- **PROBLEM TO WORK ON**
Could you find every line in the entries below that holds the word "element" and copy it?

───── THE DATA ─────

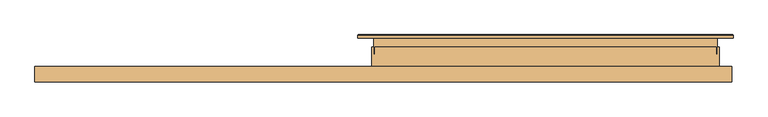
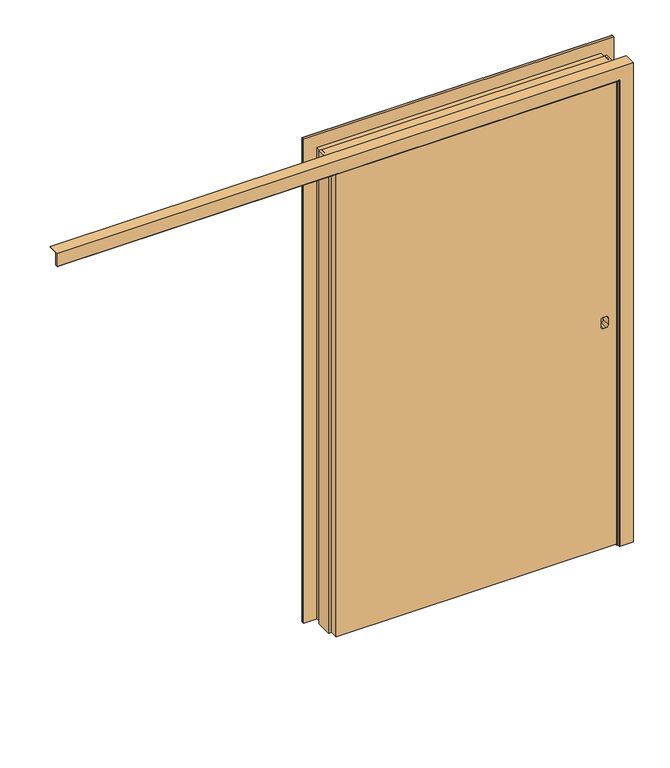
"""IFC4 building model written with IfcOpenShell, lengths in millimetres: door geometry, M_Porta-De_Correr-Pormade-Porta_Lisa : .porta correr isopainel."""

from ifc_helpers import new_model, si_unit, point, frame, frame_2d, origin, place, context, project, spatial, polyline, circle_curve, ellipse_curve, trimmed, segment, composite_curve, outline, extrude, faceted_brep, source, transform, mapped, element, save
from ifc_brep_helpers import plane_surface, cylinder_surface, advanced_brep


def door_2b51e286(model_context):
    return source(origin(), model_context, "Body", "SolidModel", [
        extrude(outline(polyline([(2105.0, -606.5), (5.0, -606.5), (5.0, 593.5), (2105.0, 593.5), (2105.0, -606.5)]), holes=[composite_curve([segment(polyline([(1039.9860517, 557.1458795), (1009.9860517, 557.1458795)]), True, "CONTINUOUS"), segment(trimmed(circle_curve(frame_2d((1009.9860517, 547.1458795)), 10.0), [point((1009.9860517, 557.1458795))], [point((999.9860517, 547.1458795))], True, "CARTESIAN"), True, "CONTINUOUS"), segment(polyline([(999.9860517, 547.1458795), (999.9860517, 537.1458795)]), True, "CONTINUOUS"), segment(trimmed(circle_curve(frame_2d((1009.9860517, 537.1458795)), 10.0), [point((999.9860517, 537.1458795))], [point((1009.9860517, 527.1458795))], True, "CARTESIAN"), True, "CONTINUOUS"), segment(polyline([(1009.9860517, 527.1458795), (1039.9860517, 527.1458795)]), True, "CONTINUOUS"), segment(trimmed(circle_curve(frame_2d((1039.9860517, 537.1458795)), 10.0), [point((1039.9860517, 527.1458795))], [point((1049.9860517, 537.1458795))], True, "CARTESIAN"), True, "CONTINUOUS"), segment(polyline([(1049.9860517, 537.1458795), (1049.9860517, 547.1458795)]), True, "CONTINUOUS"), segment(trimmed(circle_curve(frame_2d((1039.9860517, 547.1458795)), 10.0), [point((1049.9860517, 547.1458795))], [point((1039.9860517, 557.1458795))], True, "CARTESIAN"), True, "CONTINUOUS")], self_intersect=False)]), frame((0.0, -92.0, 0.0), z_axis=(0.0, 1.0, 0.0), x_axis=(0.0, 0.0, 1.0)), (0.0, 0.0, 1.0), 35.0),
        advanced_brep(
        [(598.5, -102.5, 0.0), (598.5, -92.0, 0.0), (655.0, -92.0, 0.0), (655.0, -50.0, 0.0), (658.5, -50.0, 0.0), (658.5, -104.5, 0.0), (600.5, -104.5, 0.0), (600.5, -104.5, 2108.5), (598.5, -102.5, 2106.5), (658.5, -104.5, 2166.5), (-1806.5, -104.5, 2166.5), (-1806.5, -104.5, 2108.5), (658.5, -50.0, 2166.5), (655.0, -50.0, 2163.0), (-1806.5, -50.0, 2163.0), (-1806.5, -50.0, 2166.5), (655.0, -92.0, 2163.0), (598.5, -92.0, 2106.5), (-1806.5, -92.0, 2106.5), (-1806.5, -92.0, 2163.0), (-1806.5, -102.5, 2106.5)],
        [
            (0, 1),
            (1, 2),
            (2, 3),
            (3, 4),
            (4, 5),
            (5, 6),
            (6, 0, circle_curve(frame((600.5, -102.5, 0.0), z_axis=(0.0, 0.0, -1.0), x_axis=(-1.0, 0.0, 0.0)), 2.0)),
            (6, 7),
            (7, 8, ellipse_curve(frame((600.5, -102.5, 2108.5), z_axis=(0.7071067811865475, 0.0, -0.7071067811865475), x_axis=(-0.7071067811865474, 0.0, -0.7071067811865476)), 2.8284271, 2.0)),
            (8, 0),
            (5, 9),
            (9, 10),
            (10, 11),
            (11, 7),
            (4, 12),
            (12, 9),
            (3, 13),
            (13, 14),
            (14, 15),
            (15, 12),
            (2, 16),
            (16, 13),
            (1, 17),
            (17, 18),
            (18, 19),
            (19, 16),
            (8, 17),
            (20, 11, circle_curve(frame((-1806.5, -102.5, 2108.5), z_axis=(-1.0, 0.0, 0.0), x_axis=(0.0, 0.0, -1.0)), 2.0)),
            (10, 15),
            (14, 19),
            (18, 20),
            (20, 8),
        ],
        [
            plane_surface(frame((658.5, -50.0, 0.0), z_axis=(0.0, 0.0, -1.0), x_axis=(0.0, 1.0, 0.0))),
            cylinder_surface(frame((600.5, -102.5, 0.0), z_axis=(0.0, 0.0, -1.0), x_axis=(-1.0, 0.0, 0.0)), 2.0),
            plane_surface(frame((600.5, -104.5, 0.0), z_axis=(0.0, -1.0, 0.0), x_axis=(0.0, 0.0, 1.0))),
            plane_surface(frame((658.5, -104.5, 0.0), z_axis=(1.0, 0.0, 0.0), x_axis=(0.0, 0.0, 1.0))),
            plane_surface(frame((658.5, -50.0, 0.0), z_axis=(0.0, 1.0, 0.0), x_axis=(0.0, 0.0, 1.0))),
            plane_surface(frame((655.0, -50.0, 0.0), z_axis=(-1.0, 0.0, 0.0), x_axis=(0.0, 0.0, 1.0))),
            plane_surface(frame((655.0, -92.0, 0.0), z_axis=(0.0, 1.0, 0.0), x_axis=(0.0, 0.0, 1.0))),
            plane_surface(frame((598.5, -92.0, 0.0), z_axis=(-1.0, 0.0, 0.0), x_axis=(0.0, 0.0, 1.0))),
            plane_surface(frame((-1806.5, -50.0, 2166.5), z_axis=(-1.0, 0.0, 0.0), x_axis=(0.0, 1.0, 0.0))),
            cylinder_surface(frame((658.5, -102.5, 2108.5), z_axis=(1.0, 0.0, 0.0), x_axis=(0.0, 0.0, -1.0)), 2.0),
            plane_surface(frame((658.5, -104.5, 2166.5), z_axis=(0.0, 0.0, 1.0), x_axis=(-1.0, 0.0, 0.0))),
            plane_surface(frame((655.0, -50.0, 2163.0), z_axis=(0.0, 0.0, -1.0), x_axis=(-1.0, 0.0, 0.0))),
            plane_surface(frame((598.5, -92.0, 2106.5), z_axis=(0.0, 0.0, -1.0), x_axis=(-1.0, 0.0, 0.0))),
        ],
        [
            (0, [[1, 2, 3, 4, 5, 6, 7]]),
            (1, [[8, 9, 10, -7]]),
            (2, [[11, 12, 13, 14, -8, -6]]),
            (3, [[15, 16, -11, -5]]),
            (4, [[17, 18, 19, 20, -15, -4]]),
            (5, [[21, 22, -17, -3]]),
            (6, [[23, 24, 25, 26, -21, -2]]),
            (7, [[-10, 27, -23, -1]]),
            (8, [[28, -13, 29, -19, 30, -25, 31]]),
            (9, [[-14, -28, 32, -9]]),
            (10, [[-20, -29, -12, -16]]),
            (11, [[-26, -30, -18, -22]]),
            (12, [[-32, -31, -24, -27]]),
        ],
    ),
        advanced_brep(
        [(663.75, 60.5, 0.0), (663.75, 50.0, 0.0), (607.25, 50.0, 0.0), (607.25, 5.0, 0.0), (603.75, 5.0, 0.0), (603.75, 60.5, 0.0), (605.75, 62.5, 0.0), (661.75, 62.5, 0.0), (661.75, 62.5, 2188.0), (663.75, 60.5, 2190.0), (605.75, 62.5, 2132.0), (-605.75, 62.5, 2132.0), (-605.75, 62.5, 0.0), (-661.75, 62.5, 0.0), (-661.75, 62.5, 2188.0), (603.75, 60.5, 2130.0), (603.75, 5.0, 2130.0), (607.25, 5.0, 2133.5), (-607.25, 5.0, 2133.5), (-607.25, 5.0, 0.0), (-603.75, 5.0, 0.0), (-603.75, 5.0, 2130.0), (607.25, 50.0, 2133.5), (663.75, 50.0, 2190.0), (-663.75, 50.0, 2190.0), (-663.75, 50.0, 0.0), (-607.25, 50.0, 0.0), (-607.25, 50.0, 2133.5), (-663.75, 60.5, 2190.0), (-603.75, 60.5, 2130.0), (-663.75, 60.5, 0.0), (-603.75, 60.5, 0.0)],
        [
            (0, 1),
            (1, 2),
            (2, 3),
            (3, 4),
            (4, 5),
            (5, 6, circle_curve(frame((605.75, 60.5, 0.0), z_axis=(0.0, 0.0, -1.0), x_axis=(0.0, 1.0, 0.0)), 2.0)),
            (6, 7),
            (7, 0, circle_curve(frame((661.75, 60.5, 0.0), z_axis=(0.0, 0.0, -1.0), x_axis=(0.0, 1.0, 0.0)), 2.0)),
            (7, 8),
            (8, 9, ellipse_curve(frame((661.75, 60.5, 2188.0), z_axis=(0.7071067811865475, 0.0, -0.7071067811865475), x_axis=(-0.7071067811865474, 0.0, -0.7071067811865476)), 2.8284271, 2.0)),
            (9, 0),
            (6, 10),
            (10, 11),
            (11, 12),
            (12, 13),
            (13, 14),
            (14, 8),
            (5, 15),
            (15, 10, ellipse_curve(frame((605.75, 60.5, 2132.0), z_axis=(0.7071067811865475, 0.0, -0.7071067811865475), x_axis=(-0.7071067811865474, 0.0, -0.7071067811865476)), 2.8284271, 2.0)),
            (4, 16),
            (16, 15),
            (3, 17),
            (17, 18),
            (18, 19),
            (19, 20),
            (20, 21),
            (21, 16),
            (2, 22),
            (22, 17),
            (1, 23),
            (23, 24),
            (24, 25),
            (25, 26),
            (26, 27),
            (27, 22),
            (9, 23),
            (14, 28, ellipse_curve(frame((-661.75, 60.5, 2188.0), z_axis=(0.7071067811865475, 0.0, 0.7071067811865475), x_axis=(0.7071067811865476, 0.0, -0.7071067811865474)), 2.8284271, 2.0)),
            (28, 9),
            (15, 29),
            (29, 11, ellipse_curve(frame((-605.75, 60.5, 2132.0), z_axis=(0.7071067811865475, 0.0, 0.7071067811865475), x_axis=(0.7071067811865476, 0.0, -0.7071067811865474)), 2.8284271, 2.0)),
            (21, 29),
            (27, 18),
            (28, 24),
            (30, 13, circle_curve(frame((-661.75, 60.5, 0.0), z_axis=(0.0, 0.0, -1.0), x_axis=(0.0, 1.0, 0.0)), 2.0)),
            (12, 31, circle_curve(frame((-605.75, 60.5, 0.0), z_axis=(0.0, 0.0, -1.0), x_axis=(0.0, 1.0, 0.0)), 2.0)),
            (31, 20),
            (19, 26),
            (25, 30),
            (30, 28),
            (29, 31),
        ],
        [
            plane_surface(frame((603.75, 50.0, 0.0), z_axis=(0.0, 0.0, -1.0), x_axis=(0.0, 1.0, 0.0))),
            cylinder_surface(frame((661.75, 60.5, 0.0), z_axis=(0.0, 0.0, -1.0), x_axis=(0.0, 1.0, 0.0)), 2.0),
            plane_surface(frame((661.75, 62.5, 0.0), z_axis=(0.0, 1.0, 0.0), x_axis=(0.0, 0.0, 1.0))),
            cylinder_surface(frame((605.75, 60.5, 0.0), z_axis=(0.0, 0.0, -1.0), x_axis=(0.0, 1.0, 0.0)), 2.0),
            plane_surface(frame((603.75, 60.5, 0.0), z_axis=(-1.0, 0.0, 0.0), x_axis=(0.0, 0.0, 1.0))),
            plane_surface(frame((603.75, 5.0, 0.0), z_axis=(0.0, -1.0, 0.0), x_axis=(0.0, 0.0, 1.0))),
            plane_surface(frame((607.25, 5.0, 0.0), z_axis=(1.0, 0.0, 0.0), x_axis=(0.0, 0.0, 1.0))),
            plane_surface(frame((607.25, 50.0, 0.0), z_axis=(0.0, -1.0, 0.0), x_axis=(0.0, 0.0, 1.0))),
            plane_surface(frame((663.75, 50.0, 0.0), z_axis=(1.0, 0.0, 0.0), x_axis=(0.0, 0.0, 1.0))),
            cylinder_surface(frame((603.75, 60.5, 2188.0), z_axis=(1.0, 0.0, 0.0), x_axis=(0.0, 1.0, 0.0)), 2.0),
            cylinder_surface(frame((603.75, 60.5, 2132.0), z_axis=(1.0, 0.0, 0.0), x_axis=(0.0, 1.0, 0.0)), 2.0),
            plane_surface(frame((603.75, 60.5, 2130.0), z_axis=(0.0, 0.0, -1.0), x_axis=(-1.0, 0.0, 0.0))),
            plane_surface(frame((607.25, 5.0, 2133.5), z_axis=(0.0, 0.0, 1.0), x_axis=(-1.0, 0.0, 0.0))),
            plane_surface(frame((663.75, 50.0, 2190.0), z_axis=(0.0, 0.0, 1.0), x_axis=(-1.0, 0.0, 0.0))),
            plane_surface(frame((-603.75, 50.0, 0.0), z_axis=(0.0, 0.0, -1.0), x_axis=(0.0, 1.0, 0.0))),
            cylinder_surface(frame((-661.75, 60.5, 2130.0), z_axis=(0.0, 0.0, 1.0), x_axis=(0.0, 1.0, 0.0)), 2.0),
            cylinder_surface(frame((-605.75, 60.5, 2130.0), z_axis=(0.0, 0.0, 1.0), x_axis=(0.0, 1.0, 0.0)), 2.0),
            plane_surface(frame((-603.75, 60.5, 2130.0), z_axis=(1.0, 0.0, 0.0), x_axis=(0.0, 0.0, -1.0))),
            plane_surface(frame((-607.25, 5.0, 2133.5), z_axis=(-1.0, 0.0, 0.0), x_axis=(0.0, 0.0, -1.0))),
            plane_surface(frame((-663.75, 50.0, 2190.0), z_axis=(-1.0, 0.0, 0.0), x_axis=(0.0, 0.0, -1.0))),
        ],
        [
            (0, [[1, 2, 3, 4, 5, 6, 7, 8]]),
            (1, [[9, 10, 11, -8]]),
            (2, [[12, 13, 14, 15, 16, 17, -9, -7]]),
            (3, [[18, 19, -12, -6]]),
            (4, [[20, 21, -18, -5]]),
            (5, [[22, 23, 24, 25, 26, 27, -20, -4]]),
            (6, [[28, 29, -22, -3]]),
            (7, [[30, 31, 32, 33, 34, 35, -28, -2]]),
            (8, [[-11, 36, -30, -1]]),
            (9, [[-17, 37, 38, -10]]),
            (10, [[39, 40, -13, -19]]),
            (11, [[-27, 41, -39, -21]]),
            (12, [[-35, 42, -23, -29]]),
            (13, [[-38, 43, -31, -36]]),
            (14, [[44, -15, 45, 46, -25, 47, -33, 48]]),
            (15, [[-16, -44, 49, -37]]),
            (16, [[50, -45, -14, -40]]),
            (17, [[-26, -46, -50, -41]]),
            (18, [[-34, -47, -24, -42]]),
            (19, [[-49, -48, -32, -43]]),
        ],
    ),
        faceted_brep([(-615.5, -50.0, 2142.0), (593.5, -50.0, 2142.0), (593.5, -92.0, 2142.0), (615.5, -92.0, 2142.0), (615.5, 18.0, 2142.0), (607.5, 18.0, 2142.0), (607.5, -8.0, 2142.0), (603.75, -8.0, 2142.0), (603.75, 18.0, 2142.0), (-603.5, 18.0, 2142.0), (-603.5, -8.0, 2142.0), (-607.5, -8.0, 2142.0), (-607.5, 18.0, 2142.0), (-615.5, 18.0, 2142.0), (-583.5, 18.0, 0.0), (-583.5, -50.0, 0.0), (-615.5, -50.0, 0.0), (-615.5, 18.0, 0.0), (-607.5, 18.0, 0.0), (-607.5, -8.0, 0.0), (-603.5, -8.0, 0.0), (-603.5, 18.0, 0.0), (583.5, 18.0, 0.0), (603.75, 18.0, 0.0), (603.75, -8.0, 0.0), (607.5, -8.0, 0.0), (607.5, 18.0, 0.0), (615.5, 18.0, 0.0), (615.5, -92.0, 0.0), (593.5, -92.0, 0.0), (593.5, -50.0, 0.0), (583.5, -50.0, 0.0), (-583.5, 18.0, 2110.0), (-583.5, -50.0, 2110.0), (-583.5, 18.0, 2134.0), (-583.5, -7.0, 2134.0), (-583.5, -7.0, 2130.0), (-583.5, 18.0, 2130.0), (583.5, -50.0, 2110.0), (-603.5, -8.0, 2110.0), (583.5, 18.0, 2110.0), (583.5, 18.0, 2130.0), (583.5, 18.0, 2134.0), (603.75, -8.0, 2110.0), (583.5, -7.0, 2130.0), (583.5, -7.0, 2134.0)], [[[0, 1, 2, 3, 4, 5, 6, 7, 8, 9, 10, 11, 12, 13]], [[14, 15, 16, 17, 18, 19, 20, 21]], [[22, 23, 24, 25, 26, 27, 28, 29, 30, 31]], [[14, 32, 33, 15]], [[34, 35, 36, 37]], [[15, 33, 38, 31, 30, 1, 0, 16]], [[13, 17, 16, 0]], [[12, 18, 17, 13]], [[11, 19, 18, 12]], [[10, 39, 20, 19, 11]], [[21, 20, 39, 10, 9]], [[8, 23, 22, 40, 32, 14, 21, 9], [34, 37, 41, 42]], [[7, 43, 24, 23, 8]], [[6, 25, 24, 43, 7]], [[5, 26, 25, 6]], [[4, 27, 26, 5]], [[4, 3, 28, 27]], [[31, 38, 40, 22]], [[41, 44, 45, 42]], [[2, 29, 28, 3]], [[30, 29, 2, 1]], [[37, 36, 44, 41]], [[36, 35, 45, 44]], [[42, 45, 35, 34]], [[40, 38, 33, 32]]]),
    ])


if __name__ == "__main__":
    model = new_model("IFC4")
    model_context = context("Model", 3, world=origin())
    ifc_project = project(units=[si_unit("LENGTHUNIT", "METRE", prefix="MILLI")], contexts=[model_context])
    site = spatial("IfcSite", under=ifc_project)
    building = spatial("IfcBuilding", under=site)
    placement = place(None, origin())
    door_shape = door_2b51e286(model_context)
    element("IfcDoor", 1, ObjectType="M_Porta-De_Correr-Pormade-Porta_Lisa : .porta correr isopainel", at=placement, inside=building, context=model_context, shape_type="MappedRepresentation", body=[
        mapped(door_shape, transform((0.0, 0.0, 0.0), x_axis=(1.0, 0.0, 0.0), y_axis=(0.0, 1.0, 0.0), z_axis=(0.0, 0.0, 1.0))),
    ])
    save(model, "model.ifc")

─────

- **TASK RESULT**
from ifc_helpers import new_model, si_unit, point, frame, frame_2d, origin, place, context, project, spatial, polyline, circle_curve, ellipse_curve, trimmed, segment, composite_curve, outline, extrude, faceted_brep, source, transform, mapped, element, save
    element("IfcDoor", 1, ObjectType="M_Porta-De_Correr-Pormade-Porta_Lisa : .porta correr isopainel", at=placement, inside=building, context=model_context, shape_type="MappedRepresentation", body=[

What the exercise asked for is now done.